Urine: he does have some leaking when picked up. My vet cath'd him yesterday at vet because she expressed quite a bit from him, but still had a full bladder upon xray. I have attempted numerous times, but cannot get enough out manually and I can tell he needs it so I made the decision to cath tonight too. Not my first choice, but until I can get back to the vet to have her show me on Andy again, I don't want him to sit with a full bladder all day and increase chances of a UTI. I am trying to find a vet tech near me to help express his bladder, but most are a good 30-45 min from me and I just can't make it there with work as often as needed. I am determined though....
As far as movement...very little if any at this time. Knuckling of both feet and cannot hold himself up when propped. Will check again tomorrow though- was worried about the bladder thing tonight so I didn't test much.

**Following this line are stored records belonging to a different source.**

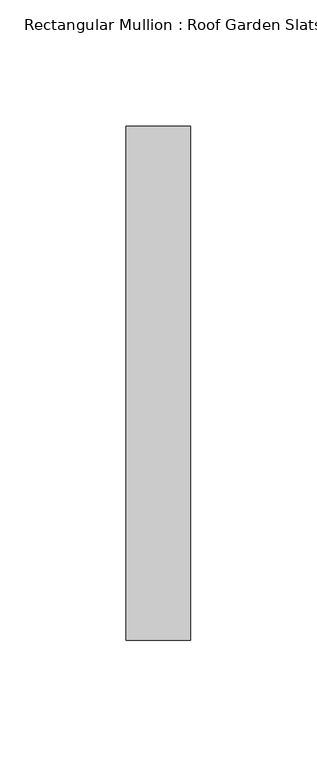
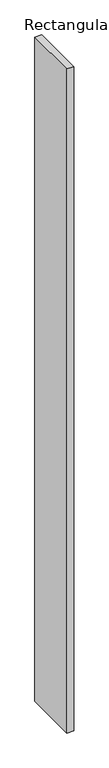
"""IFC4 building model written with IfcOpenShell, lengths in millimetres: member geometry, Rectangular Mullion : Roof Garden Slats."""

import ifcopenshell
import ifcopenshell.guid

model = None  # the IFC model being written
_history = None  # IfcOwnerHistory: only IFC2X3 demands one
_inside = {}  # id of a spatial element -> (the spatial element, [elements in it])
_under = {}  # id of a project, library or spatial element -> (it, [spatial elements below it])
_declared = {}  # id of a project -> (the project, [libraries it declares])
_typed = {}  # id of a type object -> (the type object, [elements of that type])
_made_of = {}  # id of a material, layer set ... -> (it, [elements and type objects made of it])


def new_model(schema):
    """Start an empty IFC model of exactly this schema.

    Asked for "IFC4X3", IfcOpenShell would pick the latest addendum, in which some entities
    have other attributes; the version numbers below select the first issue.
    IFC2X3 requires an IfcOwnerHistory on every rooted entity: one is made here for all.
    """
    global model, _history
    if schema == "IFC4X3":
        model = ifcopenshell.file(schema_version=(4, 3, 0, 0))
    else:
        model = ifcopenshell.file(schema=schema)
    _inside.clear()
    _under.clear()
    _declared.clear()
    _typed.clear()
    _made_of.clear()
    _history = None
    if model.schema == "IFC2X3":
        org = make("IfcOrganization", Name="unknown")
        user = make(
            "IfcPersonAndOrganization",
            ThePerson=make("IfcPerson", FamilyName="unknown"),
            TheOrganization=org,
        )
        app = make(
            "IfcApplication",
            ApplicationDeveloper=org,
            Version="unknown",
            ApplicationFullName="unknown",
            ApplicationIdentifier="unknown",
        )
        _history = make(
            "IfcOwnerHistory",
            OwningUser=user,
            OwningApplication=app,
            ChangeAction="ADDED",
            CreationDate=0,
        )
    return model


def make(cls, **values):
    """One entity of the class cls with the attributes given. An attribute that is None is left unset."""
    return model.create_entity(
        cls, **{name: value for name, value in values.items() if value is not None}
    )


def rooted(cls, **values):
    """An entity with a GlobalId (a new one), such as an element, a storey or a relation."""
    return make(cls, GlobalId=ifcopenshell.guid.new(), OwnerHistory=_history, **values)


def si_unit(unit_type, name, prefix=None):
    """IfcSIUnit, for example si_unit("LENGTHUNIT", "METRE", prefix="MILLI")."""
    return make("IfcSIUnit", UnitType=unit_type, Prefix=prefix, Name=name)


def assignment(units):
    """IfcUnitAssignment: the units of a project."""
    return None if units is None else make("IfcUnitAssignment", Units=units)


def point(xyz):
    """IfcCartesianPoint."""
    return None if xyz is None else make("IfcCartesianPoint", Coordinates=xyz)


def direction(xyz):
    """IfcDirection."""
    return None if xyz is None else make("IfcDirection", DirectionRatios=xyz)


def frame(location, z_axis=None, x_axis=None):
    """IfcAxis2Placement3D, a coordinate frame: its origin and axes. An axis left out is left unset."""
    return make(
        "IfcAxis2Placement3D",
        Location=point(location),
        Axis=direction(z_axis),
        RefDirection=direction(x_axis),
    )


def origin():
    """The frame at (0, 0, 0) with its axes left unset."""
    return frame((0.0, 0.0, 0.0))


def place(relative_to, where):
    """IfcLocalPlacement: puts the frame where relative to a parent placement (None: the world)."""
    return make(
        "IfcLocalPlacement", PlacementRelTo=relative_to, RelativePlacement=where
    )


def context(
    kind, dimensions, precision=None, world=None, true_north=None, identifier=None
):
    """IfcGeometricRepresentationContext, for example the 3D "Model" context."""
    return make(
        "IfcGeometricRepresentationContext",
        ContextIdentifier=identifier,
        ContextType=kind,
        CoordinateSpaceDimension=dimensions,
        Precision=precision,
        WorldCoordinateSystem=world,
        TrueNorth=true_north,
    )


def project(units=None, contexts=None):
    """IfcProject with its units and contexts."""
    return rooted(
        "IfcProject",
        Name="project",
        RepresentationContexts=contexts,
        UnitsInContext=assignment(units),
    )


def spatial(cls, under=None, at=None, **own):
    """A site, building, storey or space (cls), placed at a placement, below another one or the project."""
    s = rooted(cls, ObjectPlacement=at, **own)
    if under is not None:
        _under.setdefault(under.id(), (under, []))[1].append(s)
    return s


def polyline(points):
    """IfcPolyline through the points."""
    return make("IfcPolyline", Points=[point(p) for p in points])


def outline(outer, holes=None, kind="AREA"):
    """IfcArbitraryClosedProfileDef: a profile drawn as a closed curve; with holes, ...WithVoids."""
    if holes is None:
        return make("IfcArbitraryClosedProfileDef", ProfileType=kind, OuterCurve=outer)
    return make(
        "IfcArbitraryProfileDefWithVoids",
        ProfileType=kind,
        OuterCurve=outer,
        InnerCurves=holes,
    )


def extrude(swept, where, along, depth):
    """IfcExtrudedAreaSolid: the profile swept, set in the frame where, extruded along a direction by depth."""
    return make(
        "IfcExtrudedAreaSolid",
        SweptArea=swept,
        Position=where,
        ExtrudedDirection=direction(along),
        Depth=depth,
    )


def shape(context_of_items, identifier, shape_type, items):
    """IfcShapeRepresentation: the items that make up one representation, for example the "Body"."""
    return make(
        "IfcShapeRepresentation",
        ContextOfItems=context_of_items,
        RepresentationIdentifier=identifier,
        RepresentationType=shape_type,
        Items=items,
    )


def source(mapping_origin, context_of_items, identifier, shape_type, items):
    """IfcRepresentationMap: a shape defined once, which mapped items show again and again."""
    return make(
        "IfcRepresentationMap",
        MappingOrigin=mapping_origin,
        MappedRepresentation=shape(context_of_items, identifier, shape_type, items),
    )


def transform(
    local_origin,
    x_axis=None,
    y_axis=None,
    z_axis=None,
    scale=None,
    scale2=None,
    scale3=None,
    uniform=True,
):
    """IfcCartesianTransformationOperator3D, or its non-uniform kind. x_axis, y_axis, z_axis: its Axis1, 2, 3."""
    if uniform:
        return make(
            "IfcCartesianTransformationOperator3D",
            Axis1=direction(x_axis),
            Axis2=direction(y_axis),
            LocalOrigin=point(local_origin),
            Scale=scale,
            Axis3=direction(z_axis),
        )
    return make(
        "IfcCartesianTransformationOperator3DnonUniform",
        Axis1=direction(x_axis),
        Axis2=direction(y_axis),
        LocalOrigin=point(local_origin),
        Scale=scale,
        Axis3=direction(z_axis),
        Scale2=scale2,
        Scale3=scale3,
    )


def mapped(mapping_source, mapping_target):
    """IfcMappedItem: shows the shape of a source again, moved by a transform."""
    return make(
        "IfcMappedItem", MappingSource=mapping_source, MappingTarget=mapping_target
    )


def made_of(thing, what):
    """Note that an element or type object is made of a material, layer set ...; save() writes the relation."""
    if what is not None:
        _made_of.setdefault(what.id(), (what, []))[1].append(thing)
    return thing


def element(
    cls,
    number,
    at=None,
    inside=None,
    cuts=None,
    type_object=None,
    material=None,
    context=None,
    identifier="Body",
    shape_type=None,
    held_by="IfcProductDefinitionShape",
    body=None,
    shapes=None,
    **own,
):
    """One element of the class cls, such as IfcWall. Its Tag is "e" and its number.

    at: its placement. inside: the storey or other place that contains it. cuts: it is an
    opening in that element (IfcRelVoidsElement). A single representation is given by context,
    identifier, shape_type and body (its items); several are given by shapes. held_by: the class
    of the entity that holds the representations. save() writes the other relations.
    """
    e = rooted(cls, Tag="e%d" % number, ObjectPlacement=at, **own)
    if body is not None:
        shapes = [shape(context, identifier, shape_type, body)]
    if shapes is not None:
        e.Representation = make(held_by, Representations=shapes)
    if inside is not None:
        _inside.setdefault(inside.id(), (inside, []))[1].append(e)
    if cuts is not None:
        rooted(
            "IfcRelVoidsElement", RelatingBuildingElement=cuts, RelatedOpeningElement=e
        )
    if type_object is not None:
        _typed.setdefault(type_object.id(), (type_object, []))[1].append(e)
    return made_of(e, material)


def aggregate(whole, parts):
    """IfcRelAggregates: a whole, such as a stair, and the parts it consists of."""
    return rooted("IfcRelAggregates", RelatingObject=whole, RelatedObjects=parts)


def save(model, path):
    """Write the relations noted so far, then the file.

    IfcRelAggregates (storeys below a building ...), IfcRelContainedInSpatialStructure (elements
    in a storey), IfcRelDefinesByType, IfcRelAssociatesMaterial and IfcRelDeclares: one each for
    every whole, place, type object, material and project.
    """
    for whole, parts in _under.values():
        aggregate(whole, parts)
    for where, things in _inside.values():
        rooted(
            "IfcRelContainedInSpatialStructure",
            RelatedElements=things,
            RelatingStructure=where,
        )
    for kind, things in _typed.values():
        rooted("IfcRelDefinesByType", RelatedObjects=things, RelatingType=kind)
    for what, things in _made_of.values():
        rooted("IfcRelAssociatesMaterial", RelatedObjects=things, RelatingMaterial=what)
    for by, libraries in _declared.values():
        rooted("IfcRelDeclares", RelatingContext=by, RelatedDefinitions=libraries)
    model.write(path)


def rectangular_mullion_roof_garden_slats_762fb391(model_context):
    return source(origin(), model_context, "Body", "SweptSolid", [
        extrude(outline(polyline([(0.0, 139.7), (0.0, -63.5), (-25.4, -63.5), (-25.4, 139.7), (0.0, 139.7)])), frame((0.0, 0.0, -2582.2638468), z_axis=(0.0, 0.0, 1.0), x_axis=(1.0, 0.0, 0.0)), (0.0, 0.0, 1.0), 2582.2638468),
    ])


if __name__ == "__main__":
    model = new_model("IFC4")
    model_context = context("Model", 3, world=origin())
    ifc_project = project(units=[si_unit("LENGTHUNIT", "METRE", prefix="MILLI")], contexts=[model_context])
    site = spatial("IfcSite", under=ifc_project)
    building = spatial("IfcBuilding", under=site)
    placement = place(None, origin())
    rectangular_mullion_roof_garden_slats_shape = rectangular_mullion_roof_garden_slats_762fb391(model_context)
    element("IfcMember", 1, ObjectType="Rectangular Mullion : Roof Garden Slats", at=placement, inside=building, context=model_context, shape_type="MappedRepresentation", body=[
        mapped(rectangular_mullion_roof_garden_slats_shape, transform((0.0, 0.0, 0.0), x_axis=(1.0, 0.0, 0.0), y_axis=(0.0, 1.0, 0.0), z_axis=(0.0, 0.0, 1.0))),
    ])
    save(model, "model.ifc")

We do have an appt for acupuncture next week so hopefully that will help (can't get in until Thur though) like we did with our Lab. I am just praying by some miracle that he regains some function.
From everything I read, it seems Andy has missed the opportunity for surgery anyway based upon his deteriorating function and the timeline since we were out of town. I am still curious if anyone's dog has had such loss of control and still recovered with conservative treatment.
Please bear with me if there is a delay in responses...off to bed for now and likely cannot check it again until tomorrow night. THank you soooo much!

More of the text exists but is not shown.